*Task statement:* An exact copy of the lines from the one containing "materiaal = none" through the final line of the records is the only acceptable answer.
---------------
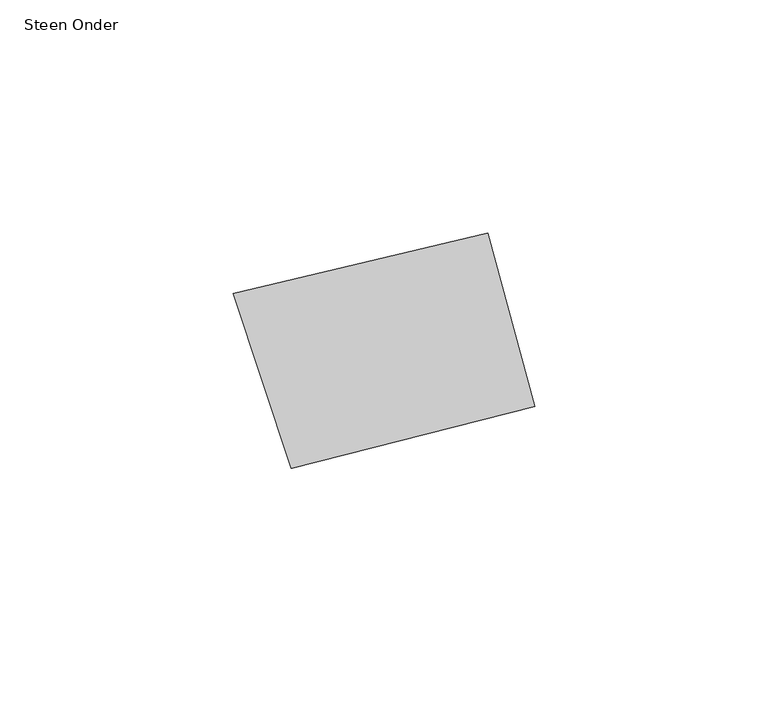
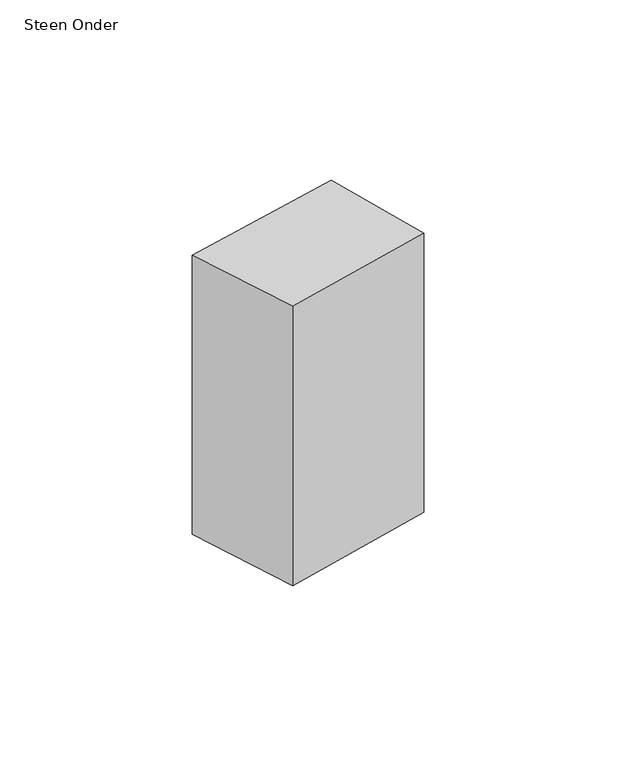
"""IFC4 building model written with IfcOpenShell, lengths in millimetres: proxy geometry, 00_GMA_steen_versie_4 : Steen Onder."""

from ifc_helpers import new_model, si_unit, origin, origin_with_axes, place, context, project, spatial, polyline, outline, extrude, source, transform, mapped, element, save


def steen_onder_14dc429e(model_context):
    return source(origin(), model_context, "Body", "SweptSolid", [
        extrude(outline(polyline([(96.3163118, 83.6914244), (106.2982906, 46.6153559), (54.2309113, 33.3308832), (41.8319917, 70.7418151), (96.3163118, 83.6914244)])), origin_with_axes(), (0.0, 0.0, 1.0), 100.0),
    ])


if __name__ == "__main__":
    model = new_model("IFC4")
    model_context = context("Model", 3, world=origin())
    ifc_project = project(units=[si_unit("LENGTHUNIT", "METRE", prefix="MILLI")], contexts=[model_context])
    site = spatial("IfcSite", under=ifc_project)
    building = spatial("IfcBuilding", under=site)
    placement = place(None, origin())
    steen_onder_shape = steen_onder_14dc429e(model_context)
    element("IfcBuildingElementProxy", 1, Name="00_GMA_steen_versie_4 : Steen Onder", ObjectType="00_GMA_steen_versie_4 : Steen Onder", at=placement, inside=building, context=model_context, shape_type="MappedRepresentation", body=[
        mapped(steen_onder_shape, transform((0.0, 0.0, 0.0), x_axis=(1.0, 0.0, 0.0), y_axis=(0.0, 1.0, 0.0), z_axis=(0.0, 0.0, 1.0))),
    ])
    save(model, "model.ifc")

# Revit data of these elements
# Type "00_GMA_steen_versie_4 : Steen Onder"
#   StootVoegHalfBoven [instance default] = 5 mm
#   StootVoegHalf [instance default] = 5 mm
#   StootVoegBreedteOnder = 10 mm
#   StootVoegBreedteBoven = 10 mm
#   Steendikte = 100 mm
#   LintVoegOnderHalf = 0 mm
#   LintVoegOnder = 0 mm
#   LintVoegBovenHalf = 5 mm
#   LintVoegBoven = 10 mm
#   materiaal = none
#   MateriaalVoeg = none
#   Default Elevation = 0
---------------
*Task answer:*
#   materiaal = none
#   MateriaalVoeg = none
#   Default Elevation = 0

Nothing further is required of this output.